SOURCE RECORDS>

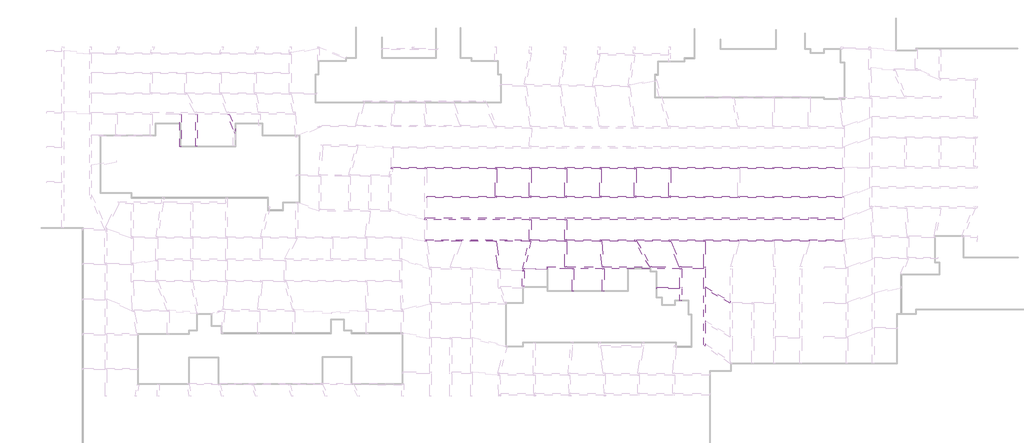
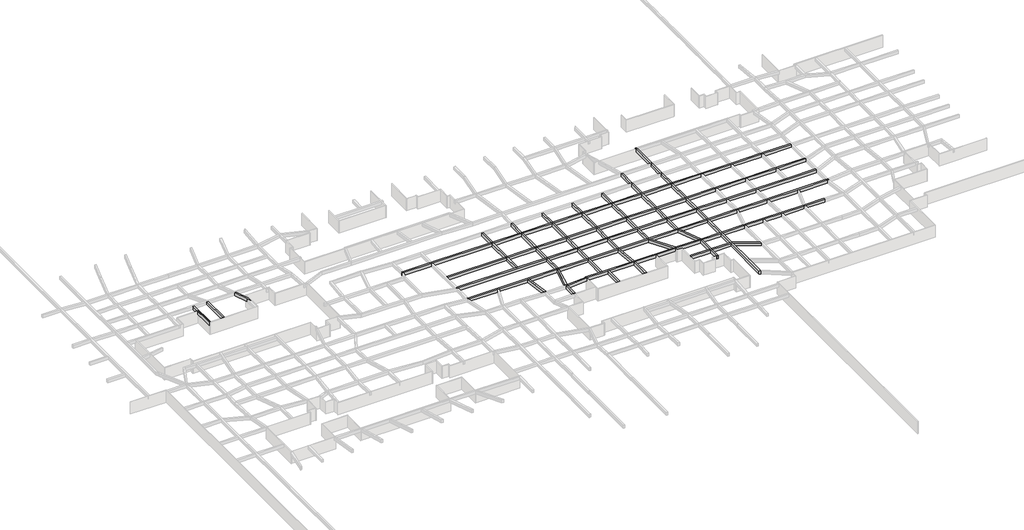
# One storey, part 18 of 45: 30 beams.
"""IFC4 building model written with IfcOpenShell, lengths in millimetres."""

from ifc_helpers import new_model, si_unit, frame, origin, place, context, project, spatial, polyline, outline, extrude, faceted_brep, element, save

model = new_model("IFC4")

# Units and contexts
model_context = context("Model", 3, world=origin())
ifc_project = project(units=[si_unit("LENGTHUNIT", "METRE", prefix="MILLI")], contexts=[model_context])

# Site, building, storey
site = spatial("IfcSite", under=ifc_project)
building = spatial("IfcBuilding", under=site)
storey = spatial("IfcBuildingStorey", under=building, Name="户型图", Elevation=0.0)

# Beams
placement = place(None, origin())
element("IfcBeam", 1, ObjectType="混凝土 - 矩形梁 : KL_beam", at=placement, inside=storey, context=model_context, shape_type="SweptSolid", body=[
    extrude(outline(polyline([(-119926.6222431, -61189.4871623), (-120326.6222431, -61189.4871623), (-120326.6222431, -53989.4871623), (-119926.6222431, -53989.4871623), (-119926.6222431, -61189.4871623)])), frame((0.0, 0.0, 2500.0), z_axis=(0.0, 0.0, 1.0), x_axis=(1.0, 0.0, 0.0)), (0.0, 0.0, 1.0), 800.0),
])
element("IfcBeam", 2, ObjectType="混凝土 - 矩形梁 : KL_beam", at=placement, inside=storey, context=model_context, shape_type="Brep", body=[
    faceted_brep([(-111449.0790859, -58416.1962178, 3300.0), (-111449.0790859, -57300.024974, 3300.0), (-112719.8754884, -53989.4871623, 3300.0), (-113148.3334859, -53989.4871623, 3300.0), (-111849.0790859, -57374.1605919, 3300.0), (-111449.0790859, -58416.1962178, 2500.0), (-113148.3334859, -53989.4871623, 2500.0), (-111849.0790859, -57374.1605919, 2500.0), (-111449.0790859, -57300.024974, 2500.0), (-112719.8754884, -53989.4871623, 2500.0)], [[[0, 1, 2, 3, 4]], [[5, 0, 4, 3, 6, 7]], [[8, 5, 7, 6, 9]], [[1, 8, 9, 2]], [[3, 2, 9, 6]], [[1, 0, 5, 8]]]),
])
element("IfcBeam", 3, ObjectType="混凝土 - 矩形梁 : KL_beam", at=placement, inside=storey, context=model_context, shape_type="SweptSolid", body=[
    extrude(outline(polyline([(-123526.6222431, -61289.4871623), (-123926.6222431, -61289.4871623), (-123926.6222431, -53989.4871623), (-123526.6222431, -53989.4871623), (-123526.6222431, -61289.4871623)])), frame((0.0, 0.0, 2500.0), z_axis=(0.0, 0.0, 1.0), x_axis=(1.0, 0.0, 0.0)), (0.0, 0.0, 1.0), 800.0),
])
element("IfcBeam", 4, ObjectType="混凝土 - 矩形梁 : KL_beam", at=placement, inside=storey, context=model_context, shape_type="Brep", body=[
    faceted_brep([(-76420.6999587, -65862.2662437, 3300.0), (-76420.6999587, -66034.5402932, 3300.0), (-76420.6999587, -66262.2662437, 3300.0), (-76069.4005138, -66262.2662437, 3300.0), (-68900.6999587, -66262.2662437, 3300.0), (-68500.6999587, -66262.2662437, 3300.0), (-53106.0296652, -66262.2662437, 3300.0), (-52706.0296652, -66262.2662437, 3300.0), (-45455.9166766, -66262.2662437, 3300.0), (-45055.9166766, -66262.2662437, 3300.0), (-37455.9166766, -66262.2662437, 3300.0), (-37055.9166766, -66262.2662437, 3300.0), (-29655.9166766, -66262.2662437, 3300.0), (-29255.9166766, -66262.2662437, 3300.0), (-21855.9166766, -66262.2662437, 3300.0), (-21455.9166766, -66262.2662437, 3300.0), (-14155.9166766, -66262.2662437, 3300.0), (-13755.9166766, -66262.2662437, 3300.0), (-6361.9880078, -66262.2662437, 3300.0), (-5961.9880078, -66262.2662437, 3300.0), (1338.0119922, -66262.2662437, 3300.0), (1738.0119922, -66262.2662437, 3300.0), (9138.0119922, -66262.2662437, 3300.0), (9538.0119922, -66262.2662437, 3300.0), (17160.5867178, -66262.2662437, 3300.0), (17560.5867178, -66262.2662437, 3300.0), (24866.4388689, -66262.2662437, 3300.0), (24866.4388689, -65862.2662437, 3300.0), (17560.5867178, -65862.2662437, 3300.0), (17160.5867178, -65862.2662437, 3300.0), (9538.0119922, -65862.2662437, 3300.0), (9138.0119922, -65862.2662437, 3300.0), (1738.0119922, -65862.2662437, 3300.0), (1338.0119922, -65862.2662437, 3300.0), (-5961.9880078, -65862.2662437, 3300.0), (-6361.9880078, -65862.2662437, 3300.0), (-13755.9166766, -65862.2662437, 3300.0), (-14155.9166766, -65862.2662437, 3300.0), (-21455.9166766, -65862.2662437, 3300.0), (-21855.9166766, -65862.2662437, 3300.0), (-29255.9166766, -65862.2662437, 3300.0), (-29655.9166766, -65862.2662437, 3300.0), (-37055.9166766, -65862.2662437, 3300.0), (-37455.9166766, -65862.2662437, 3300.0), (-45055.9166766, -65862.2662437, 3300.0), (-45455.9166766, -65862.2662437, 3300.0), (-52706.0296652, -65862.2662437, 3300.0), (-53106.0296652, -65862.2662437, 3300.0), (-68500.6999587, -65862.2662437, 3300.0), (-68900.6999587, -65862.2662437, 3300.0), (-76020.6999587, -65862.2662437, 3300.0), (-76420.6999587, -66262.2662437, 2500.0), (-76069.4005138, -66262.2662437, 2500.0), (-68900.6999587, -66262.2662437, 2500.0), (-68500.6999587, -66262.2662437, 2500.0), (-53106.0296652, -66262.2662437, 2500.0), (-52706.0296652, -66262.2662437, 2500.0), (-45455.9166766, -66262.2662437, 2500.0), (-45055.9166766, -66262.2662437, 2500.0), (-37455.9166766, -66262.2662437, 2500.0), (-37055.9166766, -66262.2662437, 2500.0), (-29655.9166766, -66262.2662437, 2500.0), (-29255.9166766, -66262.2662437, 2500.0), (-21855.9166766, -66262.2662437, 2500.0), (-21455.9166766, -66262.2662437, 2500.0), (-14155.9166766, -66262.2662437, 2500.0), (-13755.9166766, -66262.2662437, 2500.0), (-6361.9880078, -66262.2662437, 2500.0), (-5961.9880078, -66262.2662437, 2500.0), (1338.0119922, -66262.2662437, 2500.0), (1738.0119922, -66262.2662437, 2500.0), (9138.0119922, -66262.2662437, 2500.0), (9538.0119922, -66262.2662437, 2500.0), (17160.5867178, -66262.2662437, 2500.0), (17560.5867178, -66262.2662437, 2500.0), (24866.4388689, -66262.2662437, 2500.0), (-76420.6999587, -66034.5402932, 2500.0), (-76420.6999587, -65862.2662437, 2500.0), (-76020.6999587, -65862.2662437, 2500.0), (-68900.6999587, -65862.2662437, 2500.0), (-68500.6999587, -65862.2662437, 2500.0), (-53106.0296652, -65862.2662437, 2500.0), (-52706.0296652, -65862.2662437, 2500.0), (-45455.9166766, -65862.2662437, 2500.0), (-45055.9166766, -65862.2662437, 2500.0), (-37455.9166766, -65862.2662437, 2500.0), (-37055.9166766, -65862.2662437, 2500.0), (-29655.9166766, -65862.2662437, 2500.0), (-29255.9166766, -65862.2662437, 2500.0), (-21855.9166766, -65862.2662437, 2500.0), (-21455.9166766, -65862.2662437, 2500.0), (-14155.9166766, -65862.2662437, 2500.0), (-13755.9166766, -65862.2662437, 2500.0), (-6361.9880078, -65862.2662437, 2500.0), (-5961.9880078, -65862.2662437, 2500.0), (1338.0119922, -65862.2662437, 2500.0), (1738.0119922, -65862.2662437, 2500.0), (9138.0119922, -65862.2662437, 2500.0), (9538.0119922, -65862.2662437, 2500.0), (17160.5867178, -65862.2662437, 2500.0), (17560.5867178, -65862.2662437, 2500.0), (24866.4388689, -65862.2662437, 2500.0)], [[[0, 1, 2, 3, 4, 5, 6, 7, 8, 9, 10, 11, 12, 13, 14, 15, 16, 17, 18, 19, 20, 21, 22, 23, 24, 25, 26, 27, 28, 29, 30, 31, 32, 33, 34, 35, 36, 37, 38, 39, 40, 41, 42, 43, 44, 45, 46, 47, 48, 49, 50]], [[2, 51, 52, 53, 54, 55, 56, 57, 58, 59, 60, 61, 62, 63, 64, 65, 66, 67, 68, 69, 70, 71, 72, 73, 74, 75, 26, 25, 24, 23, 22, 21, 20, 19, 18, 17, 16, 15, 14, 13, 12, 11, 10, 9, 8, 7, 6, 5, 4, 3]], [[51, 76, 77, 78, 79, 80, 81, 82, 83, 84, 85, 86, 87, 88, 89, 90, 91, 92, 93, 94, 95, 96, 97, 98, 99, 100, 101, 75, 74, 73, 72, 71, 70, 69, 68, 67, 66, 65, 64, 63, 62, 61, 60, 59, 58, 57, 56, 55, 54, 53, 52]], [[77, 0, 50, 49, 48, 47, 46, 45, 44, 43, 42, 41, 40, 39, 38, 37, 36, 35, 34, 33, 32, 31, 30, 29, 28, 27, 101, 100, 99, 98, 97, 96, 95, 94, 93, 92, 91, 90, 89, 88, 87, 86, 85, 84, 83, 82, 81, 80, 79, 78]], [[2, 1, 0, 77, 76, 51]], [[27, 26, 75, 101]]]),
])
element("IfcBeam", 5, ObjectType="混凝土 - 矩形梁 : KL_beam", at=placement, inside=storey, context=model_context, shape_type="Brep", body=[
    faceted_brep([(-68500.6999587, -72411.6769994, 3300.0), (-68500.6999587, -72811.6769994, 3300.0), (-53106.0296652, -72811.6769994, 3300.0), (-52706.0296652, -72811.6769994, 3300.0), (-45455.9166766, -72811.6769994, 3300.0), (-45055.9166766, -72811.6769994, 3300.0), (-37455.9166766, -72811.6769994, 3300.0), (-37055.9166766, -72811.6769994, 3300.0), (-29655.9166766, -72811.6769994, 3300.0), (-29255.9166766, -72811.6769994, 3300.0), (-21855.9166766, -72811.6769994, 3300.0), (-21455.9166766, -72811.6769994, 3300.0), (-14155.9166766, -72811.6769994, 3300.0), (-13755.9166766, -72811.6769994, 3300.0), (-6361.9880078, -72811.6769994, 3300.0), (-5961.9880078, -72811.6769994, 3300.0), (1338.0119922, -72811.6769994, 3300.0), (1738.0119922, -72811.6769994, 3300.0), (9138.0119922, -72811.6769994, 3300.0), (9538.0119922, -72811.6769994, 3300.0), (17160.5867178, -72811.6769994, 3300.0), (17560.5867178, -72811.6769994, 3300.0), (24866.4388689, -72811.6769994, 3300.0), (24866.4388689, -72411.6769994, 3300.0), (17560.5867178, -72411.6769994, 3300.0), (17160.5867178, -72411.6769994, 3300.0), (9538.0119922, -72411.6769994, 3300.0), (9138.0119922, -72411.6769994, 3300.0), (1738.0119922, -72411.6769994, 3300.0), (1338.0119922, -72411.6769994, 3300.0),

WORK INSTRUCTION> Check each line of the material for "under". Copy the ones that have it.

SOLVED EXERCISE>
site = spatial("IfcSite", under=ifc_project)
building = spatial("IfcBuilding", under=site)
storey = spatial("IfcBuildingStorey", under=building, Name="户型图", Elevation=0.0)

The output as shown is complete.